Но этот эмпирическо‑эволюционный путь в России 1917 г. был поставлен в жесткие рамки действительности. Троцкий писал: «Революция была бы, вероятно, более гуманной, если бы пролетариат имел возможность «откупиться от всей этой банды», как выразился некогда Маркс. Но капитализм во время войны возложил на трудящихся слишком великое бремя долгов и слишком глубоко подорвал почву производства, чтобы можно было серьезно говорить о таком выкупе, при котором буржуазия молчаливо примирилась бы с переворотом. Массы слишком много потеряли крови, слишком исстрадались, слишком ожесточились, чтобы принять такое решение, которое им было бы не под силу экономически»822.

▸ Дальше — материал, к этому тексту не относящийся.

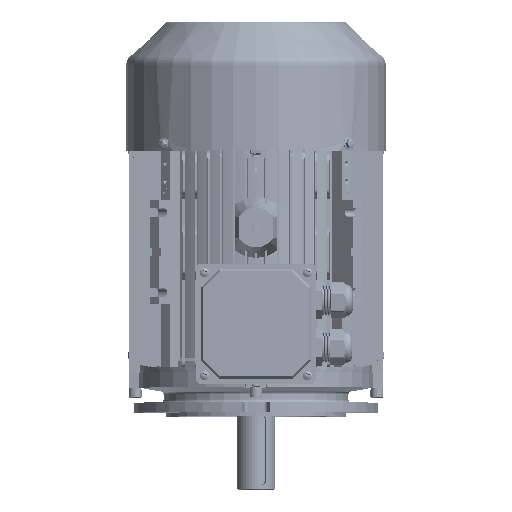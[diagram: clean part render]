
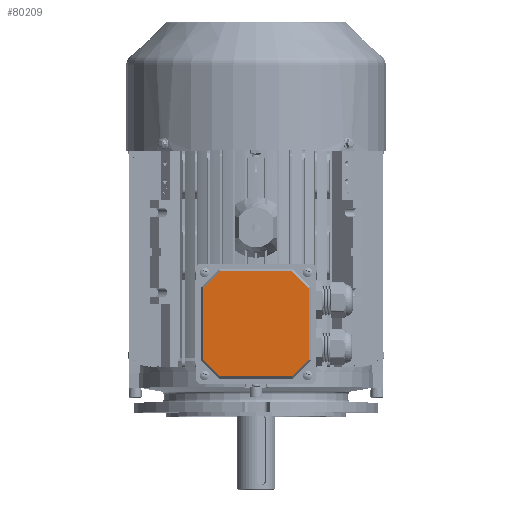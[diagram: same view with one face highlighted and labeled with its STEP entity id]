
A CAD part, top view. The second image highlights one B-rep face of the part: STEP entity #80209.
In plain terms, the highlighted planar face has unit normal (0, 0, 1) as drawn and (0, 0, -1) by its records, which use the part's own axes.
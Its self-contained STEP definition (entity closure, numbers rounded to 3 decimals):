
#11228 = VERTEX_POINT ( 'NONE', #29469 ) ;
#11957 = PLANE ( 'NONE',  #80548 ) ;
#13191 = VERTEX_POINT ( 'NONE', #42967 ) ;
#14477 = VERTEX_POINT ( 'NONE', #82709 ) ;
#15819 = LINE ( 'NONE', #91361, #117903 ) ;
#17680 = CARTESIAN_POINT ( 'NONE',  ( 52.536, 0., -4. ) ) ;
#19867 = LINE ( 'NONE', #121481, #67750 ) ;
#22318 = DIRECTION ( 'NONE',  ( 1., 0., 0. ) ) ;
#22904 = LINE ( 'NONE', #91752, #50037 ) ;
#26185 = EDGE_CURVE ( 'NONE', #57974, #48850, #95060, .T. ) ;
#26287 = LINE ( 'NONE', #17680, #50233 ) ;
#27495 = EDGE_CURVE ( 'NONE', #48850, #11228, #22904, .T. ) ;
#29469 = CARTESIAN_POINT ( 'NONE',  ( -35.903, -52.536, -4. ) ) ;
#30638 = DIRECTION ( 'NONE',  ( 0.707, -0.707, 0. ) ) ;
#33370 = DIRECTION ( 'NONE',  ( -0.707, -0.707, 0. ) ) ;
#33431 = DIRECTION ( 'NONE',  ( 0., -1., 0. ) ) ;
#40153 = CARTESIAN_POINT ( 'NONE',  ( 44.22, -44.22, -4. ) ) ;
#42967 = CARTESIAN_POINT ( 'NONE',  ( 52.536, -35.903, -4. ) ) ;
#48850 = VERTEX_POINT ( 'NONE', #116687 ) ;
#50037 = VECTOR ( 'NONE', #30638, 1000. ) ;
#50233 = VECTOR ( 'NONE', #119736, 1000. ) ;
#50315 = ORIENTED_EDGE ( 'NONE', *, *, #127158, .F. ) ;
#51089 = VERTEX_POINT ( 'NONE', #124661 ) ;
#51240 = ORIENTED_EDGE ( 'NONE', *, *, #82475, .F. ) ;
#53269 = EDGE_CURVE ( 'NONE', #11228, #79626, #125595, .T. ) ;
#54682 = FACE_OUTER_BOUND ( 'NONE', #127284, .T. ) ;
#55790 = ORIENTED_EDGE ( 'NONE', *, *, #111506, .F. ) ;
#57974 = VERTEX_POINT ( 'NONE', #119567 ) ;
#61562 = VECTOR ( 'NONE', #33431, 1000. ) ;
#67750 = VECTOR ( 'NONE', #80989, 1000. ) ;
#79626 = VERTEX_POINT ( 'NONE', #113696 ) ;
#80209 = ADVANCED_FACE ( 'NONE', ( #54682 ), #11957, .F. ) ;
#80548 = AXIS2_PLACEMENT_3D ( 'NONE', #113655, #83346, #22318 ) ;
#80989 = DIRECTION ( 'NONE',  ( -1., 0., 0. ) ) ;
#82475 = EDGE_CURVE ( 'NONE', #13191, #14477, #26287, .T. ) ;
#82586 = EDGE_CURVE ( 'NONE', #96692, #51089, #19867, .T. ) ;
#82709 = CARTESIAN_POINT ( 'NONE',  ( 52.536, 35.903, -4. ) ) ;
#83346 = DIRECTION ( 'NONE',  ( 0., 0., 1. ) ) ;
#86686 = LINE ( 'NONE', #114890, #89865 ) ;
#88363 = ORIENTED_EDGE ( 'NONE', *, *, #53269, .F. ) ;
#89865 = VECTOR ( 'NONE', #33370, 1000. ) ;
#90876 = ORIENTED_EDGE ( 'NONE', *, *, #82586, .F. ) ;
#91361 = CARTESIAN_POINT ( 'NONE',  ( 44.22, 44.22, -4. ) ) ;
#91752 = CARTESIAN_POINT ( 'NONE',  ( -44.22, -44.22, -4. ) ) ;
#95060 = LINE ( 'NONE', #124713, #61562 ) ;
#96692 = VERTEX_POINT ( 'NONE', #115677 ) ;
#98578 = VECTOR ( 'NONE', #99132, 1000. ) ;
#99132 = DIRECTION ( 'NONE',  ( 1., 0., 0. ) ) ;
#102614 = ORIENTED_EDGE ( 'NONE', *, *, #116349, .F. ) ;
#111397 = DIRECTION ( 'NONE',  ( 0.707, 0.707, 0. ) ) ;
#111506 = EDGE_CURVE ( 'NONE', #14477, #96692, #15819, .T. ) ;
#113655 = CARTESIAN_POINT ( 'NONE',  ( 0., 0., -4. ) ) ;
#113696 = CARTESIAN_POINT ( 'NONE',  ( 35.903, -52.536, -4. ) ) ;
#114890 = CARTESIAN_POINT ( 'NONE',  ( -44.22, 44.22, -4. ) ) ;
#114990 = LINE ( 'NONE', #40153, #118163 ) ;
#115677 = CARTESIAN_POINT ( 'NONE',  ( 35.903, 52.536, -4. ) ) ;
#116349 = EDGE_CURVE ( 'NONE', #51089, #57974, #86686, .T. ) ;
#116687 = CARTESIAN_POINT ( 'NONE',  ( -52.536, -35.903, -4. ) ) ;
#117903 = VECTOR ( 'NONE', #132243, 1000. ) ;
#118163 = VECTOR ( 'NONE', #111397, 1000. ) ;
#119538 = CARTESIAN_POINT ( 'NONE',  ( 0., -52.536, -4. ) ) ;
#119567 = CARTESIAN_POINT ( 'NONE',  ( -52.536, 35.903, -4. ) ) ;
#119736 = DIRECTION ( 'NONE',  ( 0., 1., 0. ) ) ;
#121481 = CARTESIAN_POINT ( 'NONE',  ( 0., 52.536, -4. ) ) ;
#121549 = ORIENTED_EDGE ( 'NONE', *, *, #26185, .F. ) ;
#123775 = ORIENTED_EDGE ( 'NONE', *, *, #27495, .F. ) ;
#124661 = CARTESIAN_POINT ( 'NONE',  ( -35.903, 52.536, -4. ) ) ;
#124713 = CARTESIAN_POINT ( 'NONE',  ( -52.536, 0., -4. ) ) ;
#125595 = LINE ( 'NONE', #119538, #98578 ) ;
#127158 = EDGE_CURVE ( 'NONE', #79626, #13191, #114990, .T. ) ;
#127284 = EDGE_LOOP ( 'NONE', ( #51240, #50315, #88363, #123775, #121549, #102614, #90876, #55790 ) ) ;
#132243 = DIRECTION ( 'NONE',  ( -0.707, 0.707, 0. ) ) ;
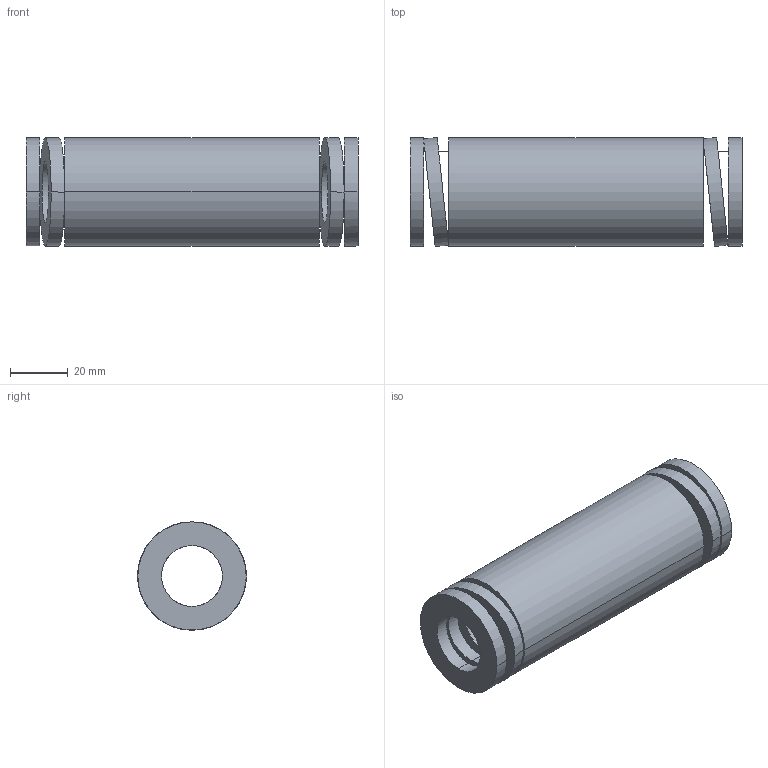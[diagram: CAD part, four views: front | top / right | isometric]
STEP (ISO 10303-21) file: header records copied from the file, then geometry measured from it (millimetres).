
FILE_DESCRIPTION(('CATIA V5 STEP Exchange'),'2;1');
FILE_NAME('C:\Users\Utente\Desktop\IO LAVORO\3D X SITO CF\X SITO\3D files 392B\392-B40-115.stp','2021-08-13T11:17:12+00:00',('none'),('none'),'CATIA Version 5 Release 20 GA (IN-10)','CATIA V5 STEP AP203','none');
FILE_SCHEMA(('CONFIG_CONTROL_DESIGN'));
Length unit declared in the file: millimetre
Products named in the file (1): 392-B40-115
Bounding box: 115 x 37.79 x 37.5 mm (x, y, z)
Volume: 80594.3 mm3; surface area: 27210.1 mm2
Topology: 1 solids, 1 shells, 38 faces, 92 edges, 64 vertices
Faces by surface type: cylinder 28, plane 10
Entity records: 1584 total; most frequent: CARTESIAN_POINT 695, ORIENTED_EDGE 184, DIRECTION 129, EDGE_CURVE 92, AXIS2_PLACEMENT_3D 64, VERTEX_POINT 64, EDGE_LOOP 56, B_SPLINE_CURVE_WITH_KNOTS 39
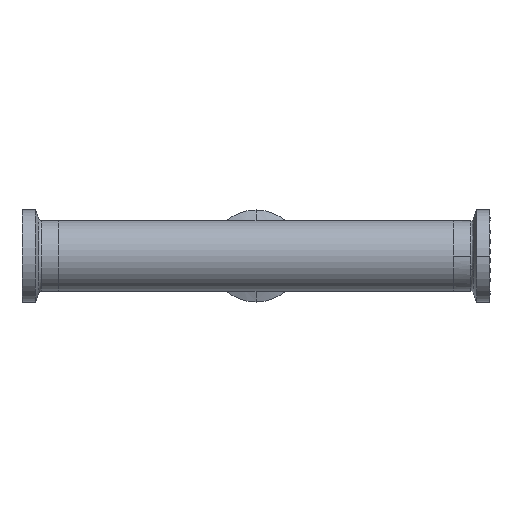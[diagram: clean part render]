
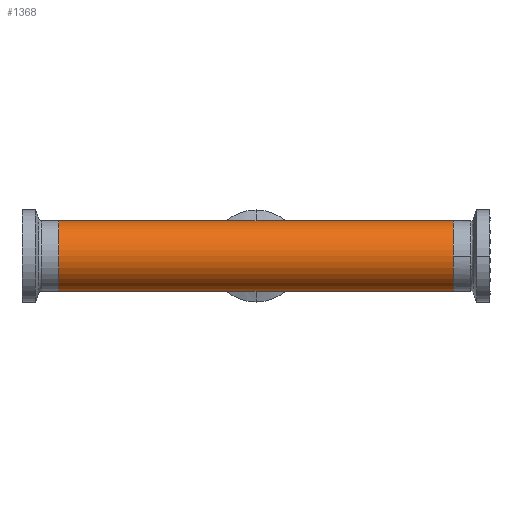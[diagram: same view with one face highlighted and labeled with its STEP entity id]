
A CAD part, front view. The second image highlights one B-rep face of the part: STEP entity #1368.
In plain terms, the highlighted cylindrical face has radius 9.525 mm (diameter 19.05 mm), a partial arc.
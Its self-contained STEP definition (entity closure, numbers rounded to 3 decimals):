
#85 = LINE ( 'NONE', #305, #1277 ) ;
#153 = EDGE_CURVE ( 'NONE', #2166, #332, #975, .T. ) ;
#178 = DIRECTION ( 'NONE',  ( 1., 0., 0. ) ) ;
#305 = CARTESIAN_POINT ( 'NONE',  ( 80.441, 0., -9.525 ) ) ;
#332 = VERTEX_POINT ( 'NONE', #2358 ) ;
#406 = EDGE_LOOP ( 'NONE', ( #1630, #1387, #1424, #1805 ) ) ;
#412 = CARTESIAN_POINT ( 'NONE',  ( 80.441, 0., 9.525 ) ) ;
#589 = DIRECTION ( 'NONE',  ( -1., 0., 0. ) ) ;
#794 = DIRECTION ( 'NONE',  ( 0., 0., 1. ) ) ;
#821 = CARTESIAN_POINT ( 'NONE',  ( 80.441, 0., 0. ) ) ;
#953 = AXIS2_PLACEMENT_3D ( 'NONE', #1928, #589, #2158 ) ;
#975 = LINE ( 'NONE', #412, #1495 ) ;
#998 = AXIS2_PLACEMENT_3D ( 'NONE', #1026, #178, #1403 ) ;
#1024 = VERTEX_POINT ( 'NONE', #1111 ) ;
#1026 = CARTESIAN_POINT ( 'NONE',  ( -53.5, 0., 0. ) ) ;
#1111 = CARTESIAN_POINT ( 'NONE',  ( -53.5, 0., -9.525 ) ) ;
#1277 = VECTOR ( 'NONE', #1869, 1000. ) ;
#1368 = ADVANCED_FACE ( 'NONE', ( #2391 ), #2323, .T. ) ;
#1387 = ORIENTED_EDGE ( 'NONE', *, *, #2134, .T. ) ;
#1403 = DIRECTION ( 'NONE',  ( 0., 0., 1. ) ) ;
#1424 = ORIENTED_EDGE ( 'NONE', *, *, #153, .T. ) ;
#1495 = VECTOR ( 'NONE', #1533, 1000. ) ;
#1533 = DIRECTION ( 'NONE',  ( -1., 0., 0. ) ) ;
#1543 = CIRCLE ( 'NONE', #998, 9.525 ) ;
#1556 = EDGE_CURVE ( 'NONE', #332, #1024, #1543, .T. ) ;
#1630 = ORIENTED_EDGE ( 'NONE', *, *, #2441, .F. ) ;
#1805 = ORIENTED_EDGE ( 'NONE', *, *, #1556, .T. ) ;
#1869 = DIRECTION ( 'NONE',  ( -1., 0., 0. ) ) ;
#1928 = CARTESIAN_POINT ( 'NONE',  ( 53.5, 0., 0. ) ) ;
#2073 = CIRCLE ( 'NONE', #953, 9.525 ) ;
#2100 = AXIS2_PLACEMENT_3D ( 'NONE', #821, #2129, #794 ) ;
#2129 = DIRECTION ( 'NONE',  ( -1., 0., 0. ) ) ;
#2134 = EDGE_CURVE ( 'NONE', #2768, #2166, #2073, .T. ) ;
#2158 = DIRECTION ( 'NONE',  ( 0., 0., 1. ) ) ;
#2166 = VERTEX_POINT ( 'NONE', #2801 ) ;
#2323 = CYLINDRICAL_SURFACE ( 'NONE', #2100, 9.525 ) ;
#2358 = CARTESIAN_POINT ( 'NONE',  ( -53.5, 0., 9.525 ) ) ;
#2391 = FACE_OUTER_BOUND ( 'NONE', #406, .T. ) ;
#2441 = EDGE_CURVE ( 'NONE', #2768, #1024, #85, .T. ) ;
#2505 = CARTESIAN_POINT ( 'NONE',  ( 53.5, 0., -9.525 ) ) ;
#2768 = VERTEX_POINT ( 'NONE', #2505 ) ;
#2801 = CARTESIAN_POINT ( 'NONE',  ( 53.5, 0., 9.525 ) ) ;

Кроме того, М. Вебер правильно замечает еще одно коренное отличие русской революции от буржуазных революций в Западной Европе: к моменту первой революции в России понятие «собственность» утратило свой священный ореол даже для представителей буржуазии в либеральном движении. Это понятие даже не фигурирует среди главных программных требований этого движения. Как пишет один из исследователей трудов Вебера, «таким образом, ценность, бывшая мотором буржуазно‑демократических революций в Западной Европе, в России ассоциируется с консерватизмом, а в данных политических обстоятельствах даже просто с силами реакции»823. Мы уже говорили о причинах этого явления в первом томе «Тенденций» – класс буржуазии в России был слишком тонок по сравнению с Западом. Но вернемся в начало века.

Национализация земли

Национализация земли на начальном этапе Октябрьской революции носила чисто реквизиционный, но не социалистический, а скорее, профеодальный характер. Фактически это было возвращение к нормам доримского права, действовавшим в Средние века во многих странах Европы и гласившим, что «земля должна принадлежать обществу и сдаваться в аренду тем, кто ее обрабатывает»1. В «Декрете о земле» (8 ноября 1917 г.) указывалось: «Помещичья собственность на землю отменяется немедленно без всякого выкупа… Помещичьи имения, равно как все земли удельные, монастырские, церковные со всем их живым и мертвым инвентарем… переходят в распоряжение волостных земельных комитетов уездных советов крестьянских депутатов»824. Может показаться, что национализация земли являлась логичным следствием большевистской идеологии, однако на самом деле большевики издавали «Декрет о земле» против своей воли, подчинившись в данном случае крестьянской стихии…

Эта крестьянская стихия впервые на деле развернула свой лозунг «земли и воли» во время революции 1905 г. в массовых погромах помещичьих имений. Т. Шанин давал обзор выступлений делегатов двух съездов Всероссийского крестьянского союза в 1905 г., на которых было достигнуто общее согласие относительно идеального будущего. «Крестьянские делегаты продемонстрировали высокую степень ясности своих целей. Идеальная Россия их выбора была страной, в которой вся земля принадлежала крестьянам, была разделена между ними и обрабатывалась членами их семей без использования наемной рабочей силы. Все земли России, пригодные для сельскохозяйственного использования, должны были быть переданы крестьянским общинам, которые установили бы уравнительное землепользование в соответствии с размером семьи или «трудовой нормой», т. е. числом работников в каждой семье. Продажу земли следовало запретить, а частную собственность на землю – отменить»825.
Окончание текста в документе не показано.